About a month ago, I wrote a review of Rebecca Goldstein’s intellectual biography about Betraying Spinoza,, which points out that the impossibility of establishing "purity of blood" (since the conversation of the Jews to Christianity had been taking place over so long a period of time) fed the racist anxiety of the Inquisition. In that context, Spinoza made a radical countermove, arguing for philosophical objectivity, a “near-estrangement from one's own self.”

I wonder if that works as a description of the exercise I’m engaged in here: estranging myself from my located, particular (what Spinoza calls "accidental") identity. So much of what I’ve written about so far on this trip has been about what’s been going on on the outside—the amazingness of living in a new-to-me culture, one with a long and complicated history and a deep and complicated present that I’m trying very hard to make sense of. What I haven’t been talking much about in this public space is all the complexities of what goes on on the inside, when one does what I am doing: strips away a good deal of what one normally does (normally “is”): on sabbatical from work, from housekeeping, from in-person interactions w/ family, friends, colleagues--

What’s left? Who am I (besides a Spanish-learning machine?). One thing I continue to have, as always, are deep and vivid dreams. I dream of all I’ve left behind in the physical world (see above: work, housekeeping, family, friends, colleagues—if you’re reading this blog, I’ve probably had a dream about you in the past month). The dreams color the days: I wake from a sad visit to one of you, or emerge from an intense meeting, a langorous conversation, and wonder…

Where am I? Who am I? What am I doing here? Where is here? I woke from a powerful dream this morning, for instance, in which I was visiting a cousin and close friend. She was turning over her oriental carpets, looking for the troubling messages hidden by the weavers on the underside. She felt she had to interpret them (that is: I feel I have to interpret them). And having interpreted them, what will I know?

Comments

Ann's picture

I read this, as usual, with the lens of a daily observer of a toddler, and it makes me think about the whole process of emerging identity. Toddlers cling to the familiarity of the daily routine, while at the same time venturing out to explore the world.

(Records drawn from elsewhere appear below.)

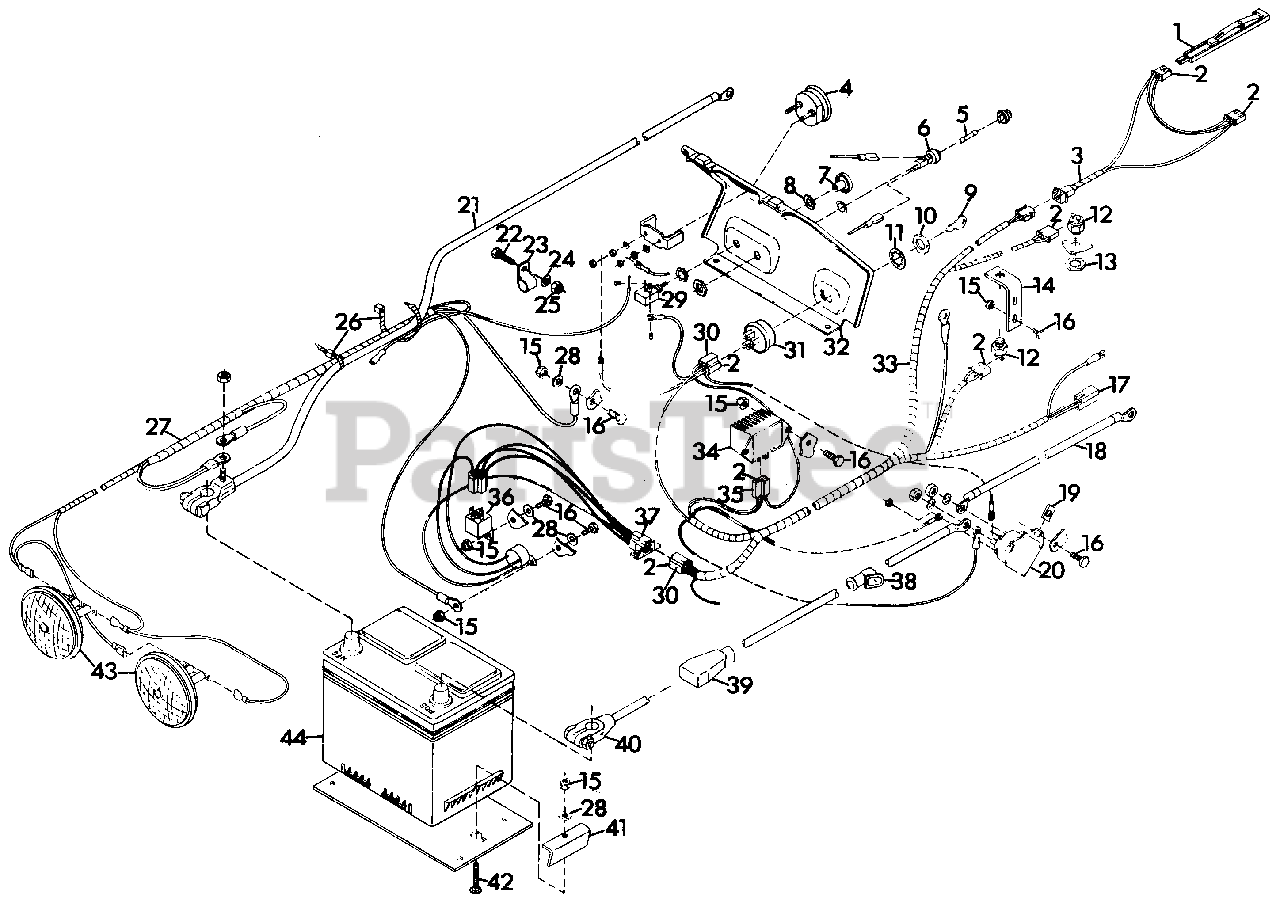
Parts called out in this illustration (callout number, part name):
1	SWITCH, SEAT
2	TERMINAL
3	HARNESS, WIRING SEAT SWITCH
4	GAUGE, AMMETER
5	FUSE, 30 AMP AGC 30
6	FUSE, PANEL
7	KNOB, LIGHT SWITCH
8	NUT, SPECIAL LIGHT SWITCH
9	KEY, IGNITION SWITCH
10	NUT, JAM 9/16-24
11	WASHER, LOCK 9/16 INT. TOOTH
12	SWITCH, INTERLOCK
13	NUT, STAMPED 9/16-18
14	BRACKET, SWITCH
15	NUT, LOCK 1/4-20
16	BOLT, HEX 1/4-20X.75
17	CONNECTOR
18	CABLE, STARTER
19	NUT, SPEED 1/4-20
20	SWITCH, MAGNETIC
21	CABLE, NEGATIVE BATTERY
22	BOLT, HEX 5/16-18X1.00
23	CLAMP, NYLON
24	WASHER, FLAT .344X.688X.065
25	NUT, LOCK 5/16-18
26	TIE, CABLE
27	HARNESS, WIRING GROUND AND LIGHT
28	WASHER, FLAT .281X.625X.065
29	SWITCH, LIGHT
30	CONNECTOR
31	SWITCH, IGNITION
32	PANEL, INSTRUMENT
33	HARNESS, WIRING
34	REGULATOR, RECTIFIER
35	CONNECTOR
36	RELAY
37	MODULE, TIME DELAY
38	BOOT, BATTERY CABLE
39	COVER, BATTERY TERMINAL
40	CABLE, BATTERY TO MAGNETIC SWITCH
41	CLAMP
42	BOLT, 1/4-20X1.75 RD HD SQ NK
43	HEADLIGHT
44	BATTERY, 12 VOLT
NS	WASHER, LOCK 1/4 EXT. TOOTH TYPE A

I am convinced that the security of something familiar gives her the ability to go farther afield. An anchor, and then a metaphorical string to find the way back to the anchor.

Which ties back to the problem that some have with mixing, where they cling to purity. Is the purity the anchor? Purity seems to be one aspect of fundamentalism, for example. But it seems to me there *can* be other types of anchors, but maybe they aren't available to everyone? I can imagine that living in a mixed identity where part of the mixture is the blood of the oppressor is ... very uncomfortable. If the anchor within is betrayed by genetic identity, then where does one turn? and how does one stretch beyond oneself, if part of the self is something to be shunned?